La questione centrale a Ramstein era il rifiuto del cancelliere tedesco Scholz di inviare carri armati pesanti Leopard tedeschi o di consentire ai molti paesi della NATO in cui i Leopard sono tenuti nell’inventario di inviare i loro carri armati a Kiev. Si dice che Scholz insista affinché gli americani spediscano prima i propri carri armati Abrams a Kiev prima che la Germania alzi un dito. E perché è così testardo nel resistere a tutti gli stati sciacalli della NATO proprio su questo tema? I rapporti occidentali dicono che ha paura di guidare il branco alla consegna dei carri armati e di incorrere in una speciale ira russa.

Decifriamo questo messaggio: il cancelliere tedesco non è un imbecille indeciso, come lasciano intendere i nostri giornali. No, è una volpe astuta che non è disposta a permettere a Washington di mandare lui e l’Europa all’inferno in quella che potrebbe facilmente diventare una guerra calda Russia-NATO se le linee rosse russe che vietano le consegne di armamenti pesanti vengono superate.

Quindi tutti gli ucraini otterranno nuovi sistemi d’arma secondo le decisioni annunciate ieri a Ramstein sono consegne simboliche di portaerei corazzati e veicoli corazzati con mitragliatrici e cannoni che si potrebbero semplicemente chiamare carri armati leggeri. Quello e molti altri obici di ogni varietà provenienti da diversi paesi della NATO.

Ma in termini di quadro generale, che differenza farebbero i carri armati? La visione di una grande guerra di carri armati attraverso le steppe ucraine che è alla base dello scenario di guerra di Washington è fallace. Come ho ripetutamente sottolineato, nonostante le menzogne ​​e le esplosioni di pubbliche relazioni da Washington e Londra, la guerra viene combattuta secondo lo schema russo, non quello statunitense.

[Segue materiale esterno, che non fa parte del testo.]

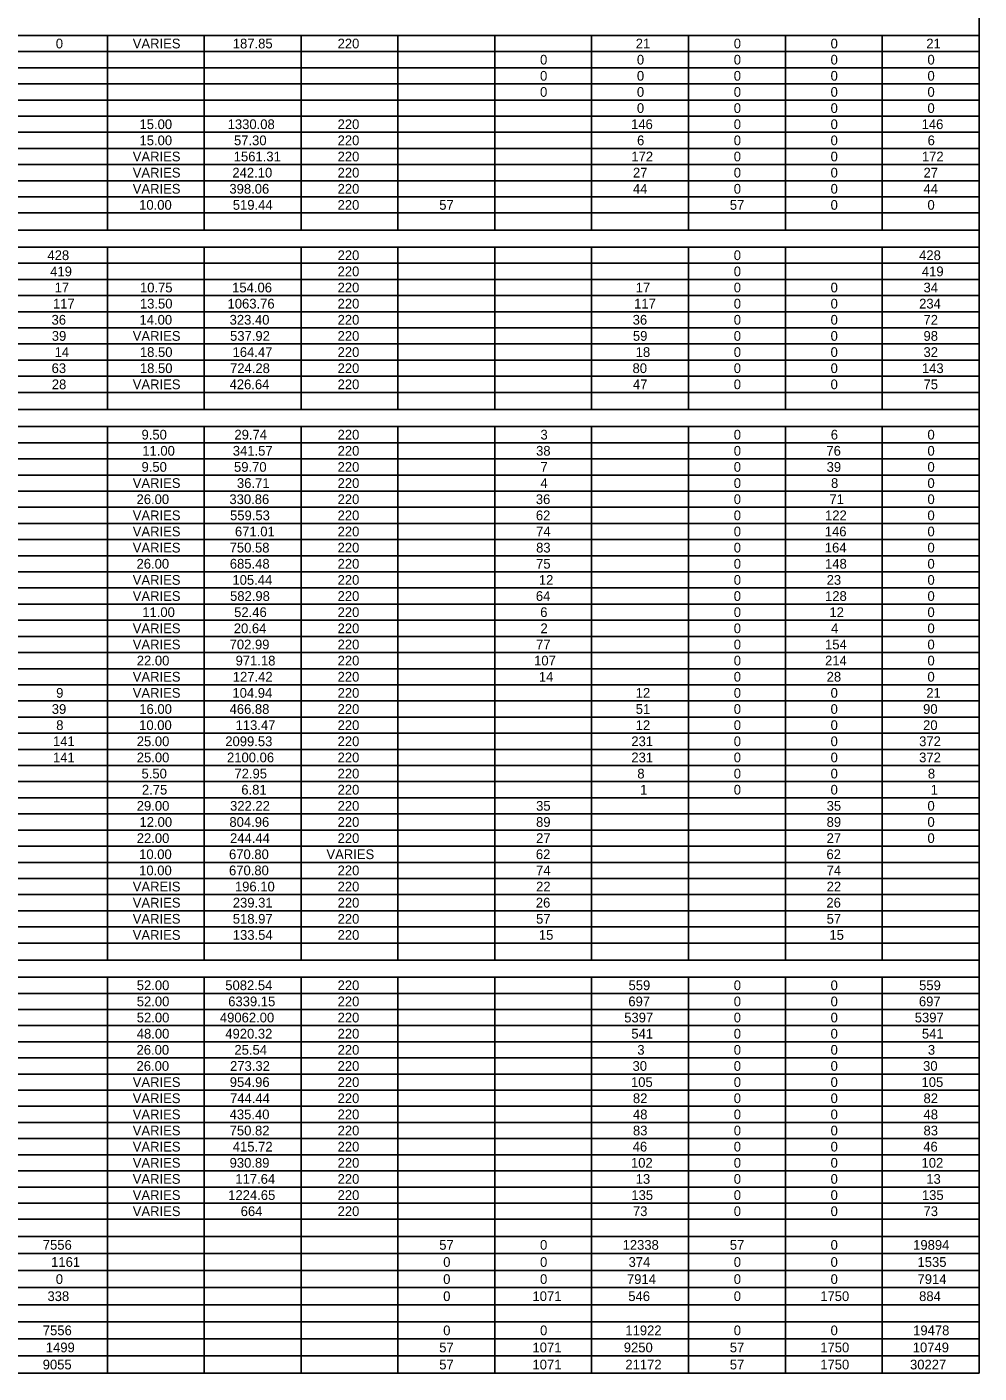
# Model space of a CAD drawing. Extents: x 1226590 to 1228573, y 151304 to 154224.
# Drawn here: x 1228084 to 1228573, y 152628 to 153319 of the extents above; entities that cross this region are included whole.
import ezdxf

# ---------------------------------------------------------------- set-up
doc = ezdxf.new("R2010")
doc.units = 0
doc.layers.add('R_Dimension', color=7, linetype='Continuous')

msp = doc.modelspace()

# ---------------------------------------------------------------- linework, layer by layer
at = {"layer": 'R_Dimension'}
for p, q in [((1228572.93, 152627.62), (1228572.93, 154214.43)), ((1226590.27, 153314.5), (1228572.93, 153314.5)), ((1228125.41, 153214.57), (1228125.41, 153314.5)), ((1228175.13, 153214.57), (1228175.13, 153314.5)), ((1228224.86, 153214.57), (1228224.86, 153314.5)), ((1228274.58, 153214.57), (1228274.58, 153314.5)), ((1228324.31, 153214.57), (1228324.31, 153314.5)), ((1228374.03, 153214.57), (1228374.03, 153314.5)), ((1228423.76, 153214.57), (1228423.76, 153314.5)), ((1228473.48, 153214.57), (1228473.48, 153314.5)), ((1228523.21, 153214.57), (1228523.21, 153314.5)), ((1226590.27, 153306.22), (1228572.93, 153306.22)), ((1226590.27, 153297.93), (1228572.93, 153297.93)), ((1226590.27, 153289.64), (1228572.93, 153289.64)), ((1226590.27, 153281.35), (1228572.93, 153281.35)), ((1226590.27, 153273.07), (1228572.93, 153273.07)), ((1226590.27, 153264.78), (1228572.93, 153264.78)), ((1226590.27, 153256.49), (1228572.93, 153256.49)), ((1226590.27, 153248.2), (1228572.93, 153248.2)), ((1226590.27, 153239.92), (1228572.93, 153239.92)), ((1226590.27, 153231.63), (1228572.93, 153231.63)), ((1226590.27, 153223.34), (1228572.93, 153223.34)), ((1226590.27, 153214.57), (1228572.93, 153214.57)), ((1226590.27, 153205.79), (1228572.93, 153205.79)), ((1228125.41, 153122.43), (1228125.41, 153205.79)), ((1228175.13, 153122.43), (1228175.13, 153205.79)), ((1228224.86, 153122.43), (1228224.86, 153205.79)), ((1228274.58, 153122.43), (1228274.58, 153205.79)), ((1228324.31, 153122.43), (1228324.31, 153205.79)), ((1228374.03, 153122.43), (1228374.03, 153205.79)), ((1228423.76, 153122.43), (1228423.76, 153205.79)), ((1228473.48, 153122.43), (1228473.48, 153205.79)), ((1228523.21, 153122.43), (1228523.21, 153205.79)), ((1226590.27, 153197.5), (1228572.93, 153197.5)), ((1226590.27, 153189.22), (1228572.93, 153189.22)), ((1226590.27, 153180.93), (1228572.93, 153180.93)), ((1226590.27, 153172.64), (1228572.93, 153172.64)), ((1226590.27, 153164.35), (1228572.93, 153164.35)), ((1226590.27, 153156.07), (1228572.93, 153156.07)), ((1226590.27, 153147.78), (1228572.93, 153147.78)), ((1226590.27, 153139.49), (1228572.93, 153139.49)), ((1226590.27, 153131.2), (1228572.93, 153131.2)), ((1226590.27, 153122.43), (1228572.93, 153122.43)), ((1226590.27, 153113.65), (1228572.93, 153113.65)), ((1228125.41, 152839.68), (1228125.41, 153113.65)), ((1228175.13, 152839.68), (1228175.13, 153113.65)), ((1228224.86, 152839.68), (1228224.86, 153113.65)), ((1228274.58, 152839.68), (1228274.58, 153113.65)), ((1228324.31, 152839.68), (1228324.31, 153113.65)), ((1228374.03, 152839.68), (1228374.03, 153113.65)), ((1228423.76, 152839.68), (1228423.76, 153113.65)), ((1228473.48, 152839.68), (1228473.48, 153113.65)), ((1228523.21, 152839.68), (1228523.21, 153113.65)), ((1226590.27, 153105.37), (1228572.93, 153105.37)), ((1226590.27, 153097.08), (1228572.93, 153097.08)), ((1226590.27, 153088.79), (1228572.93, 153088.79)), ((1226590.27, 153080.5), (1228572.93, 153080.5)), ((1226590.27, 153072.22), (1228572.93, 153072.22)), ((1226590.27, 153063.93), (1228572.93, 153063.93)), ((1226590.27, 153055.64), (1228572.93, 153055.64)), ((1226590.27, 153047.35), (1228572.93, 153047.35)), ((1226590.27, 153039.07), (1228572.93, 153039.07)), ((1226590.27, 153030.78), (1228572.93, 153030.78)), ((1226590.27, 153022.49), (1228572.93, 153022.49)), ((1226590.27, 153014.2), (1228572.93, 153014.2)), ((1226590.27, 153005.92), (1228572.93, 153005.92)), ((1226590.27, 152997.63), (1228572.93, 152997.63)), ((1226590.27, 152989.34), (1228572.93, 152989.34)), ((1226590.27, 152981.05), (1228572.93, 152981.05)), ((1226590.27, 152972.77), (1228572.93, 152972.77)), ((1226590.27, 152964.48), (1228572.93, 152964.48)), ((1226590.27, 152956.19), (1228572.93, 152956.19)), ((1226590.27, 152947.9), (1228572.93, 152947.9)), ((1226590.27, 152939.62), (1228572.93, 152939.62)), ((1226590.27, 152931.33), (1228572.93, 152931.33)), ((1226590.27, 152923.04), (1228572.93, 152923.04)), ((1226590.27, 152914.75), (1228572.93, 152914.75)), ((1226590.27, 152906.47), (1228572.93, 152906.47)), ((1226590.27, 152898.18), (1228572.93, 152898.18)), ((1226590.27, 152889.89), (1228572.93, 152889.89)), ((1226590.27, 152881.6), (1228572.93, 152881.6)), ((1226590.27, 152873.32), (1228572.93, 152873.32)), ((1226590.27, 152865.03), (1228572.93, 152865.03)), ((1226590.27, 152856.74), (1228572.93, 152856.74)), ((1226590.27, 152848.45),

Abbiamo sentito quanto male i russi coordinano aria e terra. Abbiamo sentito come non riescano a mettere insieme uno shock e un timore reverenziale. Ma questo non è il punto. I russi stanno conducendo una guerra di artiglieria per buone ragioni: hanno la più grande industria manifatturiera al mondo di cannoni, lanciamissili e munizioni e stanno conducendo una guerra di logoramento sul terreno che non può che favorire i loro eserciti.

Se il massacro degli ucraini continua al ritmo attuale, se gli Stati Uniti e i suoi alleati non possono aumentare la produzione di munizioni, se la distruzione dell’infrastruttura energetica ucraina continua, se la logistica per il trasporto delle forniture militari occidentali al fronte è ulteriormente compromessa, allora i russi si troveranno contro un esercito ucraino disarmato all’inizio della primavera, e potrebbero ottenere la capitolazione che cercano senza shock e soggezione eroica.

Dicendo questo, riconosco la mia lettura errata dei piani di guerra russi, dal momento che mi aspettavo che sferrassero il colpo mortale a Kiev qualche tempo fa. Ma poi sono affiancato in questa lettura errata da molti altri che hanno effettivamente competenze militari che guidano le loro valutazioni, come il colonnello Douglas MacGregor.

Chi ride ultimo, ride meglio. E questo potrebbe ben spiegare il sorriso sardonico che vediamo di tanto in tanto nelle dichiarazioni pubbliche del presidente Putin sull’andamento dello sforzo bellico.

Questo non vuol dire che possiamo dormire sonni tranquilli nella convinzione che la fine della guerra sia vicina. Ci sono rischi che sorgono mentre l’inevitabilità di una vittoria russa sprofonda nelle teste grosse al Pentagono. Gli ultimi rischi vengono da coloro che affermano pubblicamente a Washington che agli ucraini devono essere forniti missili a più lungo raggio in modo che possano colpire direttamente le installazioni militari russe in Crimea se non nella Russia centrale. Tali piani stravaganti per la conquista della Russia possono portare solo a una risposta nucleare da Mosca e… alla fine della civiltà così come la conosciamo.

Gilbert Doctorow è un analista politico con sede a Bruxelles. Il suo ultimo libro è La Russia ha un futuro? Ristampato con il permesso di suo blog.

© Gilbert Doctorow, 2023

La posta Gli Stati Uniti dicono all’Ucraina: ritirarsi da Artyomovsk! apparso per primo su Blog contro la guerra.com.